Factorisation of Cubic Expressions

A cubic expression is an algebraic expression where the highest power of the variable is 3, such as:

\(ax^3 + bx^2 + cx + d\)

Cubic factorisation is slightly more advanced than quadratic factorisation, but once we understand the patterns, it becomes manageable. We normally use one of these methods:

• Take out common factor
• Grouping method
• Cubic identities
• Finding one factor using trial and error

Based on the type of expression, different methods work better.
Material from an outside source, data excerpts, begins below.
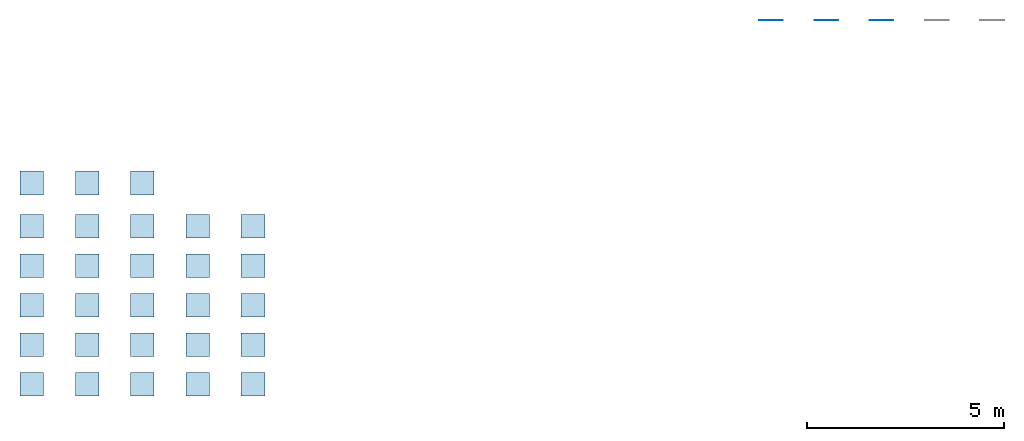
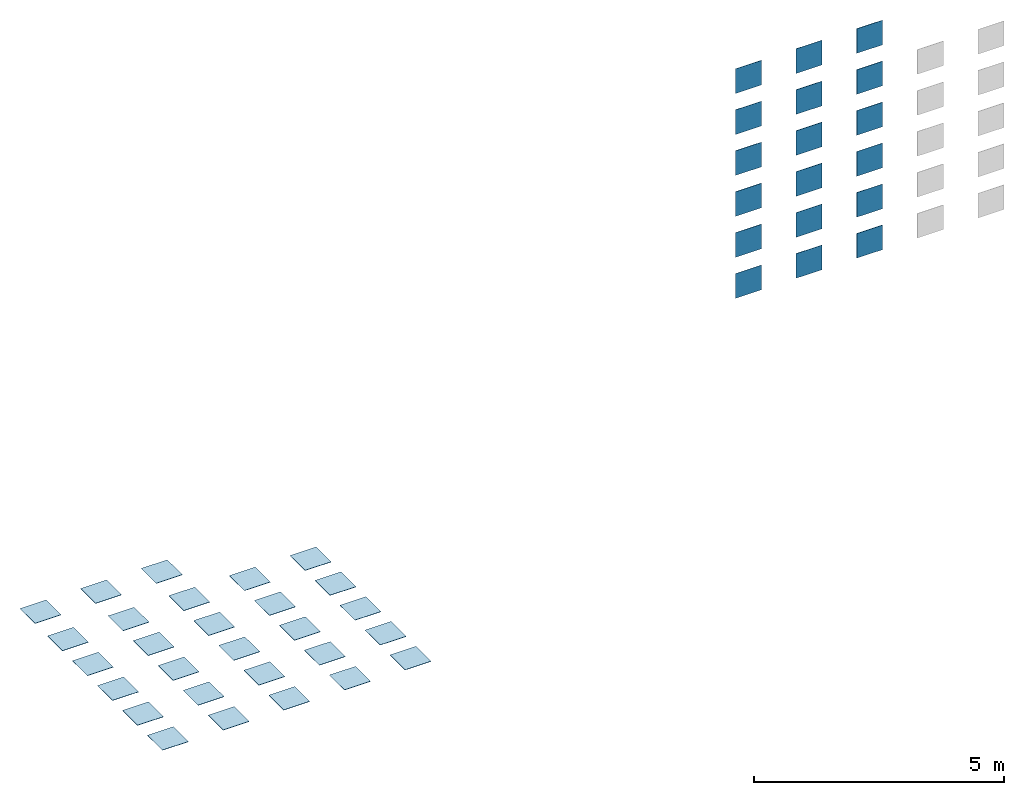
# One storey, part 1 of 2: 28 slabs, 18 walls.
"""IFC2X3 building model written with IfcOpenShell, lengths in metres."""

from ifc_helpers import new_model, entity, si_unit, converted_unit, derived_unit, direction, frame, frame_2d, origin, origin_2d_with_axis, place, context, subcontext, project, spatial, rectangle, extrude, material, layer, layer_set, layer_usage, type_object, element, save


model = new_model("IFC2X3")

# Units and contexts
model_context = context("Model", 3, precision=1e-05, world=origin(), true_north=direction((6.12303176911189e-17, 1.0)))
context_of_model = context(None, 3, precision=1e-05, world=origin(), true_north=direction((6.12303176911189e-17, 1.0)))
body_context = subcontext(model_context, "Body", "Model", "MODEL_VIEW")
ifc_project = project(units=[si_unit("LENGTHUNIT", "METRE"), si_unit("AREAUNIT", "SQUARE_METRE"), si_unit("VOLUMEUNIT", "CUBIC_METRE"), converted_unit("PLANEANGLEUNIT", "DEGREE", entity("IfcRatioMeasure", 0.0174532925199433), si_unit("PLANEANGLEUNIT", "RADIAN"), dimensions=[0, 0, 0, 0, 0, 0, 0]), si_unit("MASSUNIT", "GRAM", prefix="KILO"), si_unit("TIMEUNIT", "SECOND"), si_unit("FREQUENCYUNIT", "HERTZ"), si_unit("THERMODYNAMICTEMPERATUREUNIT", "DEGREE_CELSIUS"), derived_unit("THERMALTRANSMITTANCEUNIT", [(si_unit("MASSUNIT", "GRAM", prefix="KILO"), 1), (si_unit("THERMODYNAMICTEMPERATUREUNIT", "KELVIN"), -1), (si_unit("TIMEUNIT", "SECOND"), -3)]), derived_unit("VOLUMETRICFLOWRATEUNIT", [(si_unit("LENGTHUNIT", "METRE"), 3), (si_unit("TIMEUNIT", "SECOND"), -1)]), si_unit("ELECTRICCURRENTUNIT", "AMPERE"), si_unit("ELECTRICVOLTAGEUNIT", "VOLT"), si_unit("POWERUNIT", "WATT"), si_unit("FORCEUNIT", "NEWTON", prefix="KILO"), si_unit("ILLUMINANCEUNIT", "LUX"), si_unit("LUMINOUSFLUXUNIT", "LUMEN"), si_unit("LUMINOUSINTENSITYUNIT", "CANDELA"), si_unit("PRESSUREUNIT", "PASCAL")], contexts=[model_context, context_of_model])

# Site, building, storey
site_placement = place(None, origin())
site = spatial("IfcSite", under=ifc_project, at=site_placement, Name="Default", CompositionType="ELEMENT")
building_placement = place(site_placement, origin())
building = spatial("IfcBuilding", under=site, at=building_placement, CompositionType="ELEMENT")
storey_placement = place(building_placement, origin())
storey = spatial("IfcBuildingStorey", under=building, at=storey_placement, Name="BENACO FLOOR TILES", CompositionType="ELEMENT", Elevation=0.0)

# Slabs
ifc_material_1 = material(Name="VIVES VODEVIL NACAR 20x20")
ifc_layer_1 = layer(ifc_material_1, 0.008)
ifc_layer_set_1 = layer_set([ifc_layer_1], Name="Suelo:VIVES VODEVIL NACAR 20x20")
ifc_layer_usage_1 = layer_usage(ifc_layer_set_1, "AXIS3", "POSITIVE", 0.0)
slab_1_placement = place(storey_placement, origin())
element("IfcSlab", 1, at=slab_1_placement, inside=storey, material=ifc_layer_usage_1, Name="Suelo:VIVES VODEVIL NACAR 20x20", ObjectType="Suelo:VIVES VODEVIL NACAR 20x20", PredefinedType="FLOOR", context=body_context, shape_type="SweptSolid", body=[
    extrude(rectangle(XDim=0.6, YDim=0.6, at=origin_2d_with_axis()), frame((-1.89767402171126, -3.50495505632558, 0.0), z_axis=(0.0, 0.0, -1.0), x_axis=(0.0, 1.0, 0.0)), (0.0, 0.0, 1.0), 0.008),
])
ifc_material_2 = material(Name="VIVES VODEVIL ANTRACITA 20x20")
ifc_layer_2 = layer(ifc_material_2, 0.008)
ifc_layer_set_2 = layer_set([ifc_layer_2], Name="Suelo:VIVES VODEVIL ANTRACITA 20x20")
ifc_layer_usage_2 = layer_usage(ifc_layer_set_2, "AXIS3", "POSITIVE", 0.0)
slab_2_placement = place(storey_placement, origin())
element("IfcSlab", 2, at=slab_2_placement, inside=storey, material=ifc_layer_usage_2, Name="Suelo:VIVES VODEVIL ANTRACITA 20x20", ObjectType="Suelo:VIVES VODEVIL ANTRACITA 20x20", PredefinedType="FLOOR", context=body_context, shape_type="SweptSolid", body=[
    extrude(rectangle(XDim=0.6, YDim=0.6, at=origin_2d_with_axis()), frame((-0.497674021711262, -3.50495505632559, 0.0), z_axis=(0.0, 0.0, -1.0), x_axis=(0.0, 1.0, 0.0)), (0.0, 0.0, 1.0), 0.008),
])
ifc_material_3 = material(Name="VIVES VODEVIL MARRON 20x20")
ifc_layer_3 = layer(ifc_material_3, 0.008)
ifc_layer_set_3 = layer_set([ifc_layer_3], Name="Suelo:VIVES VODEVIL MARRON 20x20")
ifc_layer_usage_3 = layer_usage(ifc_layer_set_3, "AXIS3", "POSITIVE", 0.0)
slab_3_placement = place(storey_placement, origin())
element("IfcSlab", 3, at=slab_3_placement, inside=storey, material=ifc_layer_usage_3, Name="Suelo:VIVES VODEVIL MARRON 20x20", ObjectType="Suelo:VIVES VODEVIL MARRON 20x20", PredefinedType="FLOOR", context=body_context, shape_type="SweptSolid", body=[
    extrude(rectangle(XDim=0.6, YDim=0.6, at=origin_2d_with_axis()), frame((0.902325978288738, -3.50495505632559, 0.0), z_axis=(0.0, 0.0, -1.0), x_axis=(0.0, 1.0, 0.0)), (0.0, 0.0, 1.0), 0.008),
])
ifc_material_4 = material(Name="VIVES VODEVIL HUMO 20x20")
ifc_layer_4 = layer(ifc_material_4, 0.008)
ifc_layer_set_4 = layer_set([ifc_layer_4], Name="Suelo:VIVES VODEVIL HUMO 20x20")
ifc_layer_usage_4 = layer_usage(ifc_layer_set_4, "AXIS3", "POSITIVE", 0.0)
slab_4_placement = place(storey_placement, origin())
element("IfcSlab", 4, at=slab_4_placement, inside=storey, material=ifc_layer_usage_4, Name="Suelo:VIVES VODEVIL HUMO 20x20", ObjectType="Suelo:VIVES VODEVIL HUMO 20x20", PredefinedType="FLOOR", context=body_context, shape_type="SweptSolid", body=[
    extrude(rectangle(XDim=0.600000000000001, YDim=0.6, at=frame_2d((2.4980018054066e-16, 0.0), x_axis=(1.0, 0.0))), frame((-1.89767402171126, -4.60495505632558, 0.0), z_axis=(0.0, 0.0, -1.0), x_axis=(0.0, 1.0, 0.0)), (0.0, 0.0, 1.0), 0.008),
])
ifc_material_5 = material(Name="VIVES VODEVIL NUBE 20x20")
ifc_layer_5 = layer(ifc_material_5, 0.008)
ifc_layer_set_5 = layer_set([ifc_layer_5], Name="Suelo:VIVES VODEVIL NUBE 20x20")
ifc_layer_usage_5 = layer_usage(ifc_layer_set_5, "AXIS3", "POSITIVE", 0.0)
slab_5_placement = place(storey_placement, origin())
element("IfcSlab", 5, at=slab_5_placement, inside=storey, material=ifc_layer_usage_5, Name="Suelo:VIVES VODEVIL NUBE 20x20", ObjectType="Suelo:VIVES VODEVIL NUBE 20x20", PredefinedType="FLOOR", context=body_context, shape_type="SweptSolid", body=[
    extrude(rectangle(XDim=0.600000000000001, YDim=0.6, at=frame_2d((2.4980018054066e-16, 0.0), x_axis=(1.0, 0.0))), frame((-0.497674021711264, -4.60495505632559, 0.0), z_axis=(0.0, 0.0, -1.0), x_axis=(0.0, 1.0, 0.0)), (0.0, 0.0, 1.0), 0.008),
])
ifc_material_6 = material(Name="VIVES VODEVIL BEIGE 20x20")
ifc_layer_6 = layer(ifc_material_6, 0.008)
ifc_layer_set_6 = layer_set([ifc_layer_6], Name="Suelo:VIVES VODEVIL BEIGE 20x20")
ifc_layer_usage_6 = layer_usage(ifc_layer_set_6, "AXIS3", "POSITIVE", 0.0)
slab_6_placement = place(storey_placement, origin())
element("IfcSlab", 6, at=slab_6_placement, inside=storey, material=ifc_layer_usage_6, Name="Suelo:VIVES VODEVIL BEIGE 20x20", ObjectType="Suelo:VIVES VODEVIL BEIGE 20x20", PredefinedType="FLOOR", context=body_context, shape_type="SweptSolid", body=[
    extrude(rectangle(XDim=0.600000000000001, YDim=0.6, at=frame_2d((2.4980018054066e-16, 0.0), x_axis=(1.0, 0.0))), frame((0.902325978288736, -4.60495505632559, 0.0), z_axis=(0.0, 0.0, -1.0), x_axis=(0.0, 1.0, 0.0)), (0.0, 0.0, 1.0), 0.008),
])
ifc_material_7 = material(Name="VIVES VODEVIL CORAL 20x20")
ifc_layer_7 = layer(ifc_material_7, 0.008)
ifc_layer_set_7 = layer_set([ifc_layer_7], Name="Suelo:VIVES VODEVIL CORAL 20x20")
ifc_layer_usage_7 = layer_usage(ifc_layer_set_7, "AXIS3", "POSITIVE", 0.0)
slab_7_placement = place(storey_placement, origin())
element("IfcSlab", 7, at=slab_7_placement, inside=storey, material=ifc_layer_usage_7, Name="Suelo:VIVES VODEVIL CORAL 20x20", ObjectType="Suelo:VIVES VODEVIL CORAL 20x20", PredefinedType="FLOOR", context=body_context, shape_type="SweptSolid", body=[
    extrude(rectangle(XDim=0.600000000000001, YDim=0.6, at=frame_2d((2.4980018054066e-16, 0.0), x_axis=(1.0, 0.0))), frame((2.30232597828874, -4.6049550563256, 0.0), z_axis=(0.0, 0.0, -1.0), x_axis=(0.0, 1.0, 0.0)), (0.0, 0.0, 1.0), 0.008),
])
ifc_material_8 = material(Name="VIVES VODEVIL MAR 20x20")
ifc_layer_8 = layer(ifc_material_8, 0.008)
ifc_layer_set_8 = layer_set([ifc_layer_8], Name="Suelo:VIVES VODEVIL MAR 20x20")
ifc_layer_usage_8 = layer_usage(ifc_layer_set_8, "AXIS3", "POSITIVE", 0.0)
slab_8_placement = place(storey_placement, origin())
element("IfcSlab", 8, at=slab_8_placement, inside=storey, material=ifc_layer_usage_8, Name="Suelo:VIVES VODEVIL MAR 20x20", ObjectType="Suelo:VIVES VODEVIL MAR 20x20", PredefinedType="FLOOR", context=body_context, shape_type="SweptSolid", body=[
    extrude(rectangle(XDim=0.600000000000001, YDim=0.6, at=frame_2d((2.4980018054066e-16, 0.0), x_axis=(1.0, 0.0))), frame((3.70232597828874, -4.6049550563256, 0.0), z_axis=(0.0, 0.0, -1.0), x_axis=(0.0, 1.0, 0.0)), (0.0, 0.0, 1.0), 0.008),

Example: Factorise \(x^3 - 4x^2 + 3x - 12\)

Group:

\((x^3 - 4x^2) + (3x - 12)\)

Common:

• \(x^2(x - 4)\)
• \(3(x - 4)\)

Take binomial:

\((x - 4)(x^2 + 3)\)

For a cubic \(ax^3 + bx^2 + cx + d\):

1. Check common factor.
2. Try grouping.
3. Try cube identity.
4. Try simple roots like 1, -1, 2, -2.
5. Once one factor is found, divide the cubic to get a quadratic.
6. Factorise the quadratic.

1. \(x^3 - 8\)

\(= x^3 - 2^3 = (x - 2)(x^2 + 2x + 4)\)

2. \(8x^3 + 12x^2 + 6x\)

Common = \(2x\)

→ \(2x(4x^2 + 6x + 3)\)

3. \(p^3 + 4p^2 + p + 4\)

Group → \((p^3 + 4p^2) + (p + 4)\)

→ \(p^2(p + 4) + 1(p + 4)\)

Final → \((p + 4)(p^2 + 1)\)

• Forgetting to check for a common factor first.
• Confusing \(a^3 + b^3\) with \((a + b)^3\).
• Wrong signs in cube identities.
• Incorrect grouping of terms.
• Not verifying whether identity matches exactly.

Factorise:

1. \(x^3 + 125\)
2. \(27y^3 - 1\)
3. \(x^3 + x^2 + x + 1\)
4. \(64 - x^3\)

• Cubics can be factorised using common factors, grouping, identities, or trial methods.
• Important identities: \(a^3 + b^3\) and \(a^3 - b^3\).
• Grouping works very well for 4-term expressions.
• Always verify the factorisation by expanding.